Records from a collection
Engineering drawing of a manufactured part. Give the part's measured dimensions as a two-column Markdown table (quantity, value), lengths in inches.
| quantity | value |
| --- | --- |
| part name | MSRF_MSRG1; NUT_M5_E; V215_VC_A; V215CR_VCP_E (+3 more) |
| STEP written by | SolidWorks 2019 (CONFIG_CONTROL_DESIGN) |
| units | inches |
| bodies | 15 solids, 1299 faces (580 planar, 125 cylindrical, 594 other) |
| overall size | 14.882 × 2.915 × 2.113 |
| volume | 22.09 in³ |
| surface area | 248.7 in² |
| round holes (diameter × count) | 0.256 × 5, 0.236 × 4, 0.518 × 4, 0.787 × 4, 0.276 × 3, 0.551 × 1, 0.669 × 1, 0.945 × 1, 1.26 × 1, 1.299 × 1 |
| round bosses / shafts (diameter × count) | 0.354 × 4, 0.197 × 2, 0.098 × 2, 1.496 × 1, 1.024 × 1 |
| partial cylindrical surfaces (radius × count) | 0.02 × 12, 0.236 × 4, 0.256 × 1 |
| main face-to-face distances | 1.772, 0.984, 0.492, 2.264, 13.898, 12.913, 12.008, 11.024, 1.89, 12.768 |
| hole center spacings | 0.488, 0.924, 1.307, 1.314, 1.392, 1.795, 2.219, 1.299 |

**TASK TO CARRY OUT**
Nothing but an exact transcription of the records is expected.

**FINAL ANSWER**
Engineering drawing of a manufactured part. Give the part's measured dimensions as a two-column Markdown table (quantity, value), lengths in inches.
| quantity | value |
| --- | --- |
| part name | MSRF_MSRG1; NUT_M5_E; V215_VC_A; V215CR_VCP_E (+3 more) |
| STEP written by | SolidWorks 2019 (CONFIG_CONTROL_DESIGN) |
| units | inches |
| bodies | 15 solids, 1299 faces (580 planar, 125 cylindrical, 594 other) |
| overall size | 14.882 × 2.915 × 2.113 |
| volume | 22.09 in³ |
| surface area | 248.7 in² |
| round holes (diameter × count) | 0.256 × 5, 0.236 × 4, 0.518 × 4, 0.787 × 4, 0.276 × 3, 0.551 × 1, 0.669 × 1, 0.945 × 1, 1.26 × 1, 1.299 × 1 |
| round bosses / shafts (diameter × count) | 0.354 × 4, 0.197 × 2, 0.098 × 2, 1.496 × 1, 1.024 × 1 |
| partial cylindrical surfaces (radius × count) | 0.02 × 12, 0.236 × 4, 0.256 × 1 |
| main face-to-face distances | 1.772, 0.984, 0.492, 2.264, 13.898, 12.913, 12.008, 11.024, 1.89, 12.768 |
| hole center spacings | 0.488, 0.924, 1.307, 1.314, 1.392, 1.795, 2.219, 1.299 |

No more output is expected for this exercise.